At this point, check Cilium health status in each cluster with:

kubectl exec -it cilium-<pod-id> -n kube-system -- cilium-health status

It should show all local and remote cluster’s nodes and not show any errors. It may take a few minutes until things settle down since the last configuration.

Example output:

Nodes:
  cluster-1/f5m2nzcb4z-worker-p7m58g-7f44796457-wv5fq (localhost):
    Host connectivity to 10.0.0.2:
      ICMP to stack:   OK, RTT=585.908µs
      HTTP to agent:   OK, RTT=386.343µs
    Endpoint connectivity to 172.25.0.235:
      ICMP to stack:   OK, RTT=563.934µs
      HTTP to agent:   OK, RTT=684.559µs
  cluster-2/qqkp9pksmb-worker-cn24gj-5d55cc7b65-tmz9w:
    Host connectivity to 10.0.0.3:
      ICMP to stack:   OK, RTT=1.659939ms
      HTTP to agent:   OK, RTT=2.932125ms
    Endpoint connectivity to 172.26.0.240:
      ICMP to stack:   OK, RTT=1.6367ms
      HTTP to agent:   OK, RTT=4.215347ms

In case of errors, check again for firewall settings mentioned in the previous point. It may also help to manually restart:

first clustermesh-apiserver pods in each cluster,
then cilium agent pods in each cluster.

Example Cross-Cluster Application Deployment With Failover / Migration

After Cilium Cluster Mesh has been set up, it is possible to use global services across the meshed clusters.

In this example, we will deploy a global deployment into 2 clusters, where each cluster will be acting a failover for the other. Normally, all traffic will be handled by backends in the local cluster. Only in case of no local backends, it will be handled by backends running in the other cluster. That will be true for local (pod-to-service) traffic, as well as ingress traffic provided by LoadBalancer services in each cluster.

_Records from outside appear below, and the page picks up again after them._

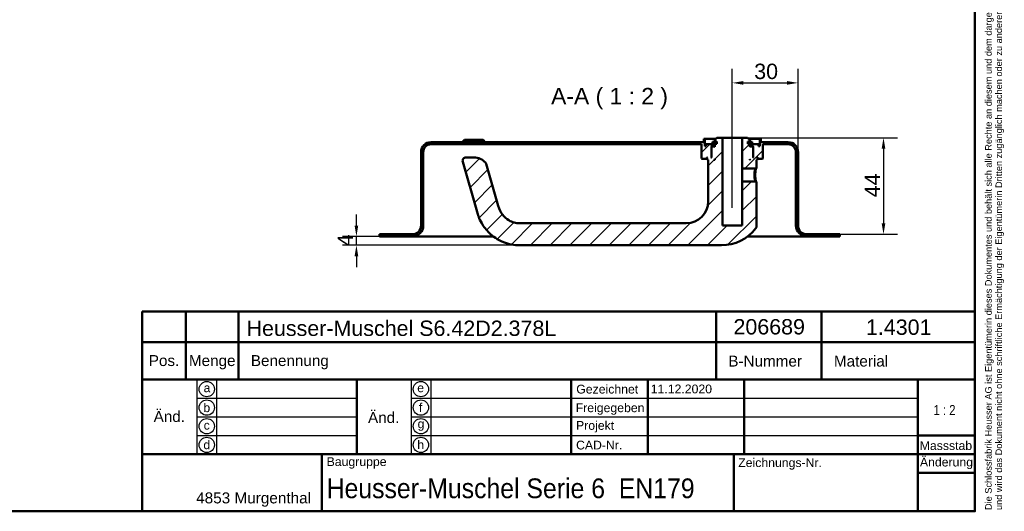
# Model space of a CAD drawing. Header units: millimetres. Extents: x 20 to 833, y 20 to 574.
# Tile 3 of 4: x 384 to 833, y 20 to 244. Entities that reach past the tile are written whole.
import ezdxf
from ezdxf.enums import TextEntityAlignment as Align

# ---------------------------------------------------------------- set-up
doc = ezdxf.new("R2010")
doc.units = ezdxf.units.MM
doc.header["$LTSCALE"] = 2
for name, color, linetype, lineweight in [('Bemaßungen(DIN)', 7, 'Continuous', 25), ('Mittellinie(DIN)', 7, 'Continuous', 25), ('Sichtbare Kanten(DIN)', 7, 'Continuous', 50), ('Skizziergeometrie(DIN)', 7, 'Continuous', 50), ('Skizzierlinie(DIN)', 7, 'Continuous', 25), ('Symbole(DIN)', 7, 'Continuous', 25)]:
    doc.layers.add(name, color=color, linetype=linetype, lineweight=lineweight)
doc.layers.add('Schraffur', color=179, linetype='Continuous', lineweight=9, true_color=0x1e1e47)
doc.styles.add('Aktuell-DIN', font='arial.ttf')
doc.styles.add('Aktuell-DINGroßer Text', font='arial.ttf')
doc.styles.add('STANDARD-DIN~0', font='arial.ttf')
doc.styles.add('Textstil10', font='arial.ttf')
doc.styles.add('Textstil41', font='arial.ttf', dxfattribs={"width": 0.8})
doc.styles.add('Textstil83', font='arial.ttf', dxfattribs={"width": 0.8})
doc.dimstyles.new('CAD-LAN', dxfattribs={"dimscale": 2, "dimtxt": 3.5, "dimasz": 2.5, "dimexe": 3.175, "dimexo": 0, "dimgap": 0.8, "dimtad": 1, "dimrnd": 1e-08, "dimtxsty": 'STANDARD-DIN~0', "dimcen": 0.09, "dimdle": 10, "dimclrd": 250, "dimclre": 250, "dimclrt": 250, "dimadec": 0, "dimazin": 2, "dimtfac": 1, "dimtmove": 0, "dimatfit": 3, "dimfxl": 1, "dimtolj": 1, "dimtzin": 0, "dimlwd": 25, "dimlwe": 25, "dimarcsym": 0})

# ---------------------------------------------------------------- blocks, each defined once
blk = doc.blocks.new('Ränder Standardrahmen')
at = {"layer": 'Skizziergeometrie(DIN)', "flags": 128}
blk.add_lwpolyline([(10, 10), (10, 287), (410, 287), (410, 10), (10, 10)], dxfattribs=at)
blk = doc.blocks.new('Schriftfelder Heusser')
at = {"layer": 'Skizziergeometrie(DIN)'}
for p, q in [((101, 229.92), (101, 236.92)), ((101, 236.92), (291, 236.92)), ((111, 229.92), (111, 236.92)), ((123, 229.92), (123, 236.92)), ((232, 229.92), (232, 236.92)), ((256, 229.92), (256, 236.92)), ((291, 236.92), (291, 229.92)), ((101, 191.42), (101, 229.92)), ((101, 229.92), (291, 229.92)), ((111, 229.92), (111, 221.42)), ((123, 229.92), (123, 221.42)), ((232, 229.92), (232, 221.42)), ((256, 229.92), (256, 221.42)), ((291, 229.92), (291, 191.42)), ((101, 221.42), (291, 221.42)), ((150, 221.42), (150, 204.42)), ((198.85, 221.42), (198.85, 204.42)), ((216.35, 221.42), (216.35, 204.42)), ((238.35, 221.42), (238.35, 204.42)), ((278, 221.42), (278, 191.42)), ((278, 208.67), (291, 208.67)), ((101, 204.42), (291, 204.42)), ((142, 204.42), (142, 191.42)), ((236, 204.42), (236, 191.42)), ((278, 200.17), (291, 200.17)), ((291, 191.42), (101, 191.42))]:
    blk.add_line(p, q, dxfattribs=at)
at = {"layer": 'Skizzierlinie(DIN)'}
for p, q in [((113.5, 221.42), (113.5, 204.42)), ((118, 221.42), (118, 204.42)), ((162.35, 221.42), (162.35, 204.42)), ((166.85, 221.42), (166.85, 204.42)), ((113.5, 217.17), (150, 217.17)), ((162.35, 217.17), (278, 217.17)), ((113.5, 212.92), (150, 212.92)), ((162.35, 212.92), (278, 212.92)), ((113.5, 208.67), (150, 208.67)), ((162.35, 208.67), (278, 208.67))]:
    blk.add_line(p, q, dxfattribs=at)
for centre in [(115.75, 219.25), (164.6, 219.25), (115.75, 215.04), (164.6, 215.04), (115.75, 210.79), (164.6, 210.79), (115.75, 206.54), (164.6, 206.54)]:
    blk.add_circle(centre, 1.75, dxfattribs=at)
at = {"layer": 'Symbole(DIN)', "color": 7, "insert": (293.33, 191.7), "char_height": 1.5, "width": 182.3003, "attachment_point": 1, "rotation": 90, "line_spacing_factor": 0.944221, "style": 'Aktuell-DIN'}
blk.add_mtext('\\fArial|b0|i0;\\H1.5000;Die Schlossfabrik Heusser AG ist Eigentümerin dieses Dokumentes und behält sich alle Rechte an diesem und dem dargestellten Gegenstand vor. Der Empfänger anerkennt diese Rechte\\Pund wird das Dokument nicht ohne schriftliche Ermächtigung der Eigentümerin Dritten zugänglich machen oder zu anderen Zwecken verwenden, zu dem es ihm übergeben worden ist.\\P ', dxfattribs=at)
at = {"layer": 'Symbole(DIN)', "color": 179, "true_color": 0x262659, "style": 'Aktuell-DIN'}
for s, insert, char_height, attachment_point in [('Pos.', (106, 227), 2.489, 2), ('Menge', (117, 227), 2.489, 2), ('Benennung', (125.81, 225.38), 2.489, 4), ('B-Nummer', (234.74, 225.62), 2.489, 4), ('Material', (265.02, 225.62), 2.489, 5), ('\\fArial|b0|i0;Gezeichnet', (200.05, 219.23), 2, 4), ('\\fArial|b0|i0;a', (115.81, 219.53), 2, 5), ('\\fArial|b0|i0;e', (164.54, 219.53), 2, 5), ('\\fArial|b0|i0;b', (115.75, 215), 2, 5), ('\\fArial|b0|i0;f', (164.55, 215.06), 2, 5), ('\\fArial|b0|i0;Freigegeben', (199.92, 216), 2, 1), ('\\fArial|b0|i0;c', (115.75, 211.01), 2, 5), ('\\fArial|b0|i0;g', (164.63, 211.05), 2, 5), ('\\fArial|b0|i0;Projekt', (200, 211.98), 2, 1), ('\\fArial|b0|i0;d', (115.76, 206.55), 2, 5), ('\\fArial|b0|i0;h', (164.55, 206.57), 2, 5), ('\\fArial|b0|i0;CAD-Nr.', (200, 207.5), 2, 1), ('\\fArial|b0|i0;\\H2.0000;Massstab', (284.39, 206.37), 2, 5), ('\\fArial|b0|i0;\\H2.0000;Baugruppe', (143.1, 203.73), 2, 1), ('\\fArial|b0|i0;Zeichnungs-Nr.', (237, 203.5), 2, 1), ('\\fArial|b0|i0;\\H2.5000;4853 Murgenthal', (113.33, 192.46), 2.5, 7)]:
    blk.add_mtext(s, dxfattribs=dict(at, insert=insert, char_height=char_height, attachment_point=attachment_point))
at = {"layer": 'Symbole(DIN)', "color": 179, "true_color": 0x262659, "attachment_point": 5, "style": 'Aktuell-DIN'}
for s, insert, char_height, width in [('Änd.', (107.21, 213), 2.489, 12.3494), ('Änd.', (156.12, 212.76), 2.489, 12.3494), ('\\fArial|b0|i0;Änderung', (284.51, 202.33), 2, 12.1143)]:
    blk.add_mtext(s, dxfattribs=dict(at, insert=insert, char_height=char_height, width=width))
at = {"layer": 'Symbole(DIN)', "color": 7, "insert": (143.1, 196.62), "char_height": 4.5, "width": 90.18, "attachment_point": 4, "style": 'Aktuell-DIN'}
blk.add_mtext('\\fArial|b0|i0;\\W0.90;\\H4.5000;Heusser-Muschel Serie 6  EN179', dxfattribs=at)
at = {"layer": 'Symbole(DIN)', "color": 179, "true_color": 0x262659, "style": 'Textstil10'}
blk.add_attdef('ERSTELLUNGSDATUM_001', (217.04, 218.29), '', height=2, dxfattribs=at)
at = {"layer": 'Symbole(DIN)', "color": 179, "true_color": 0x262659}
for tag, height, style, p in [('AUTOR', 2.49, 'Aktuell-DIN', (240.03, 219.26)), ('KONTROLLDATUM', 2, 'Textstil10', (217.42, 215.04)), ('KONTROLLIERT_VON', 2, 'Textstil10', (239.98, 215.05))]:
    blk.add_attdef(tag, text='', height=height, dxfattribs=dict(at, style=style)).set_placement(p, align=Align.MIDDLE_LEFT)
at = {"layer": 'Symbole(DIN)', "color": 7, "style": 'Textstil83', "width": 0.8}
blk.add_attdef('Anfänglicher_Ansichtsmaßstab_001', (281.57, 213.34), '', height=2.3, dxfattribs=at)
at = {"layer": 'Symbole(DIN)', "color": 179, "true_color": 0x262659, "style": 'Textstil10'}
blk.add_attdef('PROJEKT', text='', height=2, dxfattribs=at).set_placement((217.77, 209.72), align=Align.BOTTOM_LEFT)
at = {"layer": 'Symbole(DIN)', "color": 7, "style": 'Textstil41', "width": 0.8}
blk.add_attdef('STATUS', text='', height=5, dxfattribs=at).set_placement((284.53, 195.86), align=Align.MIDDLE_CENTER)
blk = doc.blocks.new('*D22')
at = {"layer": 'Bemaßungen(DIN)', "color": 250, "linetype": 'Continuous', "lineweight": 25, "true_color": 0x3f3f3f, "transparency": 16777216}
for p, q in [((709.29, 195.22), (709.29, 221.57)), ((739.29, 183.72), (739.29, 221.57)), ((714.29, 215.22), (734.29, 215.22))]:
    blk.add_line(p, q, dxfattribs=at)
at = {"layer": 'Bemaßungen(DIN)', "color": 250, "linetype": 'Continuous', "true_color": 0x3f3f3f, "transparency": 16777216}
for points in [[(714.29, 216.05), (714.29, 214.38), (709.29, 215.22)], [(734.29, 216.05), (734.29, 214.38), (739.29, 215.22)]]:
    blk.add_solid(points, dxfattribs=at)
at = {"layer": 'Defpoints', "color": 0, "linetype": 'Continuous', "transparency": 16777216}
for p in [(739.29, 215.22), (709.29, 195.22), (739.29, 183.72)]:
    blk.add_point(p, dxfattribs=at)
at = {"layer": 'Bemaßungen(DIN)', "color": 250, "linetype": 'Continuous', "lineweight": 25, "true_color": 0x3f3f3f, "transparency": 16777216, "insert": (719.29, 223.97), "char_height": 7, "attachment_point": 1, "style": 'STANDARD-DIN~0'}
blk.add_mtext('\\A1;30', dxfattribs=at)
blk = doc.blocks.new('*D23')
at = {"layer": 'Bemaßungen(DIN)', "color": 250, "linetype": 'Continuous', "lineweight": 25, "true_color": 0x3f3f3f, "transparency": 16777216}
for p, q in [((716.29, 190.22), (784.64, 190.22)), ((778.29, 185.22), (778.29, 151.22)), ((758.29, 146.22), (784.64, 146.22))]:
    blk.add_line(p, q, dxfattribs=at)
at = {"layer": 'Bemaßungen(DIN)', "color": 250, "linetype": 'Continuous', "true_color": 0x3f3f3f, "transparency": 16777216}
for points in [[(777.46, 185.22), (779.13, 185.22), (778.29, 190.22)], [(777.46, 151.22), (779.13, 151.22), (778.29, 146.22)]]:
    blk.add_solid(points, dxfattribs=at)
at = {"layer": 'Defpoints', "color": 0, "linetype": 'Continuous', "transparency": 16777216}
for p in [(716.29, 190.22), (758.29, 146.22), (778.29, 146.22)]:
    blk.add_point(p, dxfattribs=at)
at = {"layer": 'Bemaßungen(DIN)', "color": 250, "linetype": 'Continuous', "lineweight": 25, "true_color": 0x3f3f3f, "transparency": 16777216, "insert": (769.69, 163.08), "char_height": 7, "attachment_point": 1, "rotation": 90, "style": 'STANDARD-DIN~0'}
blk.add_mtext('\\A1;44', dxfattribs=at)
blk = doc.blocks.new('*D24')
at = {"layer": 'Bemaßungen(DIN)', "color": 250, "linetype": 'Continuous', "lineweight": 25, "true_color": 0x3f3f3f, "transparency": 16777216}
for p, q in [((537.78, 150.22), (537.78, 155.22)), ((548.29, 145.22), (531.43, 145.22)), ((537.78, 141.22), (537.78, 145.22)), ((612.29, 141.22), (531.43, 141.22)), ((537.78, 136.22), (537.78, 131.22))]:
    blk.add_line(p, q, dxfattribs=at)
at = {"layer": 'Bemaßungen(DIN)', "color": 250, "linetype": 'Continuous', "true_color": 0x3f3f3f, "transparency": 16777216}
for points in [[(536.95, 150.22), (538.62, 150.22), (537.78, 145.22)], [(536.95, 136.22), (538.62, 136.22), (537.78, 141.22)]]:
    blk.add_solid(points, dxfattribs=at)
at = {"layer": 'Defpoints', "color": 0, "linetype": 'Continuous', "transparency": 16777216}
for p in [(537.78, 145.22), (548.29, 145.22), (612.29, 141.22)]:
    blk.add_point(p, dxfattribs=at)
at = {"layer": 'Bemaßungen(DIN)', "color": 250, "linetype": 'Continuous', "lineweight": 25, "true_color": 0x3f3f3f, "transparency": 16777216, "insert": (529.18, 140.79), "char_height": 7, "attachment_point": 1, "rotation": 90, "style": 'STANDARD-DIN~0'}
blk.add_mtext('\\A1;4', dxfattribs=at)

msp = doc.modelspace()

# ---------------------------------------------------------------- hatches: boundary and pattern name
at = {"layer": 'Schraffur'}
h = msp.add_hatch(dxfattribs=at)
h.set_pattern_fill('ANSI31', color=256, scale=50.8, style=0)
h.set_pattern_definition([(45, (0, 0), (-4.49013, 4.49013), [])])
edge = h.paths.add_edge_path()
edge.add_spline(control_points=[(719.921, 176.215), (719.983, 176.275), (720.045, 176.335), (720.169, 176.455), (720.231, 176.516), (720.294, 176.576)], knot_values=[-0.0518077, -0.0518077, -0.0518077, -0.0518077, -0.0259867, -0.0259867, 0, 0, 0, 0], degree=3, periodic=0)
edge.add_line((720.294, 176.576), (720.294, 180.215))
edge.add_line((720.294, 180.215), (720.594, 180.215))
edge.add_line((720.594, 180.215), (720.794, 180.415))
edge.add_line((720.794, 180.415), (720.794, 181.015))
edge.add_line((720.794, 181.015), (720.594, 181.215))
edge.add_line((720.594, 181.215), (720.894, 181.215))
edge.add_line((720.894, 181.215), (720.894, 180.715))
edge.add_line((720.894, 180.715), (720.994, 180.615))
edge.add_line((720.994, 180.615), (723.094, 180.615))
edge.add_line((723.094, 180.615), (723.294, 180.815))
edge.add_line((723.294, 180.815), (723.294, 187.215))
edge.add_line((723.294, 187.215), (734.794, 187.215))
edge.add_ellipse((734.794, 183.715), major_axis=(0, 3.5), ratio=1, start_angle=270, end_angle=360, ccw=False)
edge.add_line((738.294, 183.715), (738.294, 150.215))
edge.add_ellipse((743.294, 150.215), major_axis=(-5, 0), ratio=1, start_angle=0, end_angle=90)
edge.add_line((743.294, 145.215), (758.294, 145.215))
edge.add_line((758.294, 145.215), (758.294, 146.215))
edge.add_line((758.294, 146.215), (743.294, 146.215))
edge.add_ellipse((743.294, 150.215), major_axis=(0, -4), ratio=1, start_angle=270, end_angle=360, ccw=False)
edge.add_line((739.294, 150.215), (739.294, 183.715))
edge.add_ellipse((734.794, 183.715), major_axis=(4.5, 0), ratio=1, start_angle=0, end_angle=90)
edge.add_line((734.794, 188.215), (722.294, 188.215))
edge.add_line((722.294, 188.215), (722.294, 189.715))
edge.add_line((722.294, 189.715), (721.794, 189.715))
edge.add_line((721.794, 189.715), (721.794, 186.415))
edge.add_line((721.794, 186.415), (721.294, 186.415))
edge.add_line((721.294, 186.415), (721.294, 187.215))
edge.add_line((721.294, 187.215), (718.294, 187.215))
edge.add_line((718.294, 187.215), (718.294, 186.415))
edge.add_line((718.294, 186.415), (719.044, 186.415))
edge.add_line((719.044, 186.415), (718.844, 186.215))
edge.add_line((718.844, 186.215), (718.844, 181.415))
edge.add_line((718.844, 181.415), (719.044, 181.215))
edge.add_line((719.044, 181.215), (718.794, 181.215))
edge.add_line((718.794, 181.215), (718.794, 186.015))
edge.add_line((718.794, 186.015), (718.594, 186.215))
edge.add_line((718.594, 186.215), (717.494, 186.215))
edge.add_line((717.494, 186.215), (717.294, 186.015))
edge.add_line((717.294, 186.015), (717.294, 187.415))
edge.add_line((717.294, 187.415), (718.31, 187.415))
edge.add_line((718.31, 187.415), (718.31, 188.315))
edge.add_line((718.31, 188.315), (716.808, 188.315))
edge.add_line((716.808, 188.315), (716.808, 187.415))
edge.add_line((716.808, 187.415), (716.394, 187.415))
edge.add_line((716.394, 187.415), (716.394, 188.515))
edge.add_line((716.394, 188.515), (717.294, 188.515))
edge.add_line((717.294, 188.515), (717.294, 189.215))
edge.add_line((717.294, 189.215), (716.294, 190.215))
edge.add_line((716.294, 190.215), (713.794, 190.215))
edge.add_line((713.794, 190.215), (713.794, 176.215))
edge.add_line((713.794, 176.215), (719.921, 176.215))
h.paths.add_polyline_path([(717.494, 180.215), (717.294, 180.215), (717.294, 180.415)], flags=0)
edge = h.paths.add_edge_path()
edge.add_spline(control_points=[(720.294, 169.854), (720.232, 169.915), (720.17, 169.975), (720.046, 170.095), (719.984, 170.155), (719.922, 170.215)], knot_values=[-0.0519752, -0.0519752, -0.0519752, -0.0519752, -0.0259876, -0.0259876, -0.0001735, -0.0001735, -0.0001735, -0.0001735], degree=3, periodic=0)
edge.add_line((719.922, 170.215), (713.794, 170.215))
edge.add_line((713.794, 170.215), (713.794, 150.215))
edge.add_line((713.794, 150.215), (704.794, 150.215))
edge.add_line((704.794, 150.215), (704.794, 190.215))
edge.add_line((704.794, 190.215), (702.294, 190.215))
edge.add_line((702.294, 190.215), (701.294, 189.215))
edge.add_line((701.294, 189.215), (701.294, 188.515))
edge.add_line((701.294, 188.515), (702.194, 188.515))
edge.add_line((702.194, 188.515), (702.194, 187.415))
edge.add_line((702.194, 187.415), (701.78, 187.415))
edge.add_line((701.78, 187.415), (701.78, 188.315))
edge.add_line((701.78, 188.315), (700.277, 188.315))
edge.add_line((700.277, 188.315), (700.277, 187.415))
edge.add_line((700.277, 187.415), (701.294, 187.415))
edge.add_line((701.294, 187.415), (701.294, 186.015))
edge.add_line((701.294, 186.015), (701.094, 186.215))
edge.add_line((701.094, 186.215), (699.994, 186.215))
edge.add_line((699.994, 186.215), (699.794, 186.015))
edge.add_line((699.794, 186.015), (699.794, 181.215))
edge.add_line((699.794, 181.215), (699.544, 181.215))
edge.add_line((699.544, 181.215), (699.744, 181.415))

Let’s start by deploying a nginx deployment with 2 replicas in each cluster:

apiVersion: apps/v1
kind: Deployment
metadata:
  name: nginx-deployment
spec:
  selector:
    matchLabels:
      app: nginx
  replicas: 2
  template:
    metadata:
      labels:
        app: nginx
    spec:
      containers:
      - name: nginx
        image: nginx:1.16.1
        ports:
        - containerPort: 80

Now, in each cluster, lets create a service of type LoadBalancer with the necessary annotations:

io.cilium/global-service: "true"
io.cilium/service-affinity: "local"

apiVersion: v1
kind: Service
metadata:
  labels:
    app: nginx
  name: nginx-deployment
  annotations:
    io.cilium/global-service: "true"
    io.cilium/service-affinity: "local"
spec:
  type: LoadBalancer
  ports:
  - port: 80
    protocol: TCP
    targetPort: 80
  selector:
    app: nginx

The list of backends for a service can be checked with:

kubectl exec -it cilium-<pod-id> -n kube-system -- cilium service list --clustermesh-affinity

Example output:

ID   Frontend                Service Type   Backend
16   10.240.27.208:80        ClusterIP      1 => 172.25.0.160:80 (active) (preferred)
                                            2 => 172.25.0.12:80 (active) (preferred)
                                            3 => 172.26.0.31:80 (active)
                                            4 => 172.26.0.196:80 (active)

At this point, the service should be available in both clusters, either locally or via assigned external IP of the nginx-deployment service.

Let’s scale the number of nginx replicas in one of the clusters (let’s say Cluster 1) to 0:

kubectl scale deployment nginx-deployment --replicas=0

The number of backends for the service has been lowered down to 2, and only lists remote backends in the cilium service list output:

ID   Frontend                Service Type   Backend
16   10.240.27.208:80        ClusterIP      1 => 172.26.0.31:80 (active)
                                            2 => 172.26.0.196:80 (active)

The service should still be available in the Cluster 1 (either locally via ClusterIP, or via assigned ExternalIP of the nginx-deployment service, or via NodePort), even if there is no local backend for it. The requests will be served by the backends running in the Cluster 2.

We can also scale up the replicas in Cluster 1 to non-zero and scale down the replicas in Cluster 2 to 0. This way the application can “migrate” between the clusters while still being available in both clusters.